The problem is that you can’t change everyone else’s behavior. The OP is getting bullied by anyone and everyone, including his own family, over multiple years, including into adulthood. What’s the solution? I think the only person that can put a stop to this is the OP.

Quote:
Originally Posted by DCT2019 View Post
I am a male. She was telling me that because she didn't like how I was not standing up for myself when my cousin was picking on me. Basically victim blaming.
I think sometimes people recognize that you can’t change every person on the planet. You are not talking about one individual at one particular time in your life. It seems to a reoccurring phenomenon in your life. The only person that’s going to be able to change this is you. Bullies don’t generally bully everyone, they seek out “victims” who respond the way they want them to. These “victims” act a certain way in public and respond to aggression a certain way. I guess you can seek to try to rid the world of bullies or you can refuse to be a victim.

Quote:
Originally Posted by pathrunner View Post
I agree. Physical activity and fitness is very empowering. Heck I finally went back to the gym after having orthopedic surgery a few months ago. Just one session in the gym made me feel like I could be fit and powerful again. Putting on those workout clothes and breathing hard and pushing oneself a little further each time does wonders for self-confidence.
I agree. People respond to someone mainly depending nonverbal cues. If you project an aura of confidence people respond accordingly. I feel much more confident when I eat healthy, exercise, and get enough sleep. I come in ready to tackle the day, not afraid of confrontation, and others respond to me accordingly.
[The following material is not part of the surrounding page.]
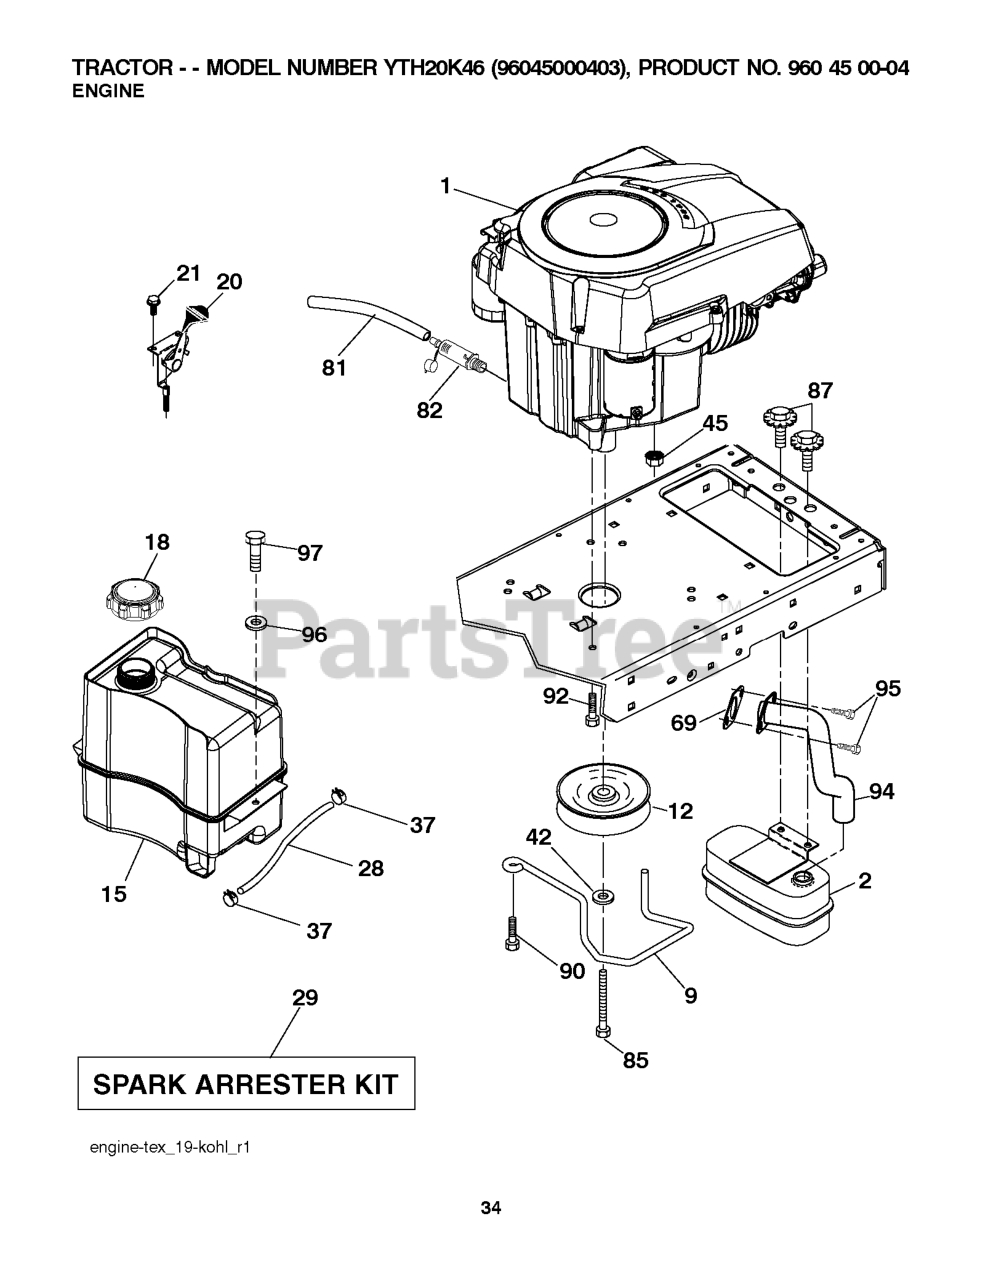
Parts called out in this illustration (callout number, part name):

A book I’d recommend is The Charisma Myth. I don’t like the authors presentations, so don’t watch those, but the book is golden. It gives you simple techniques, such as body language, and how to listen and speak so others will see you as a leader. I was a shy, introvert (and got picked on myself back in the day) who managed to land a managerial position in charge of 30-40 individuals and I read that book both before I got the job and during the job on a continuous basis.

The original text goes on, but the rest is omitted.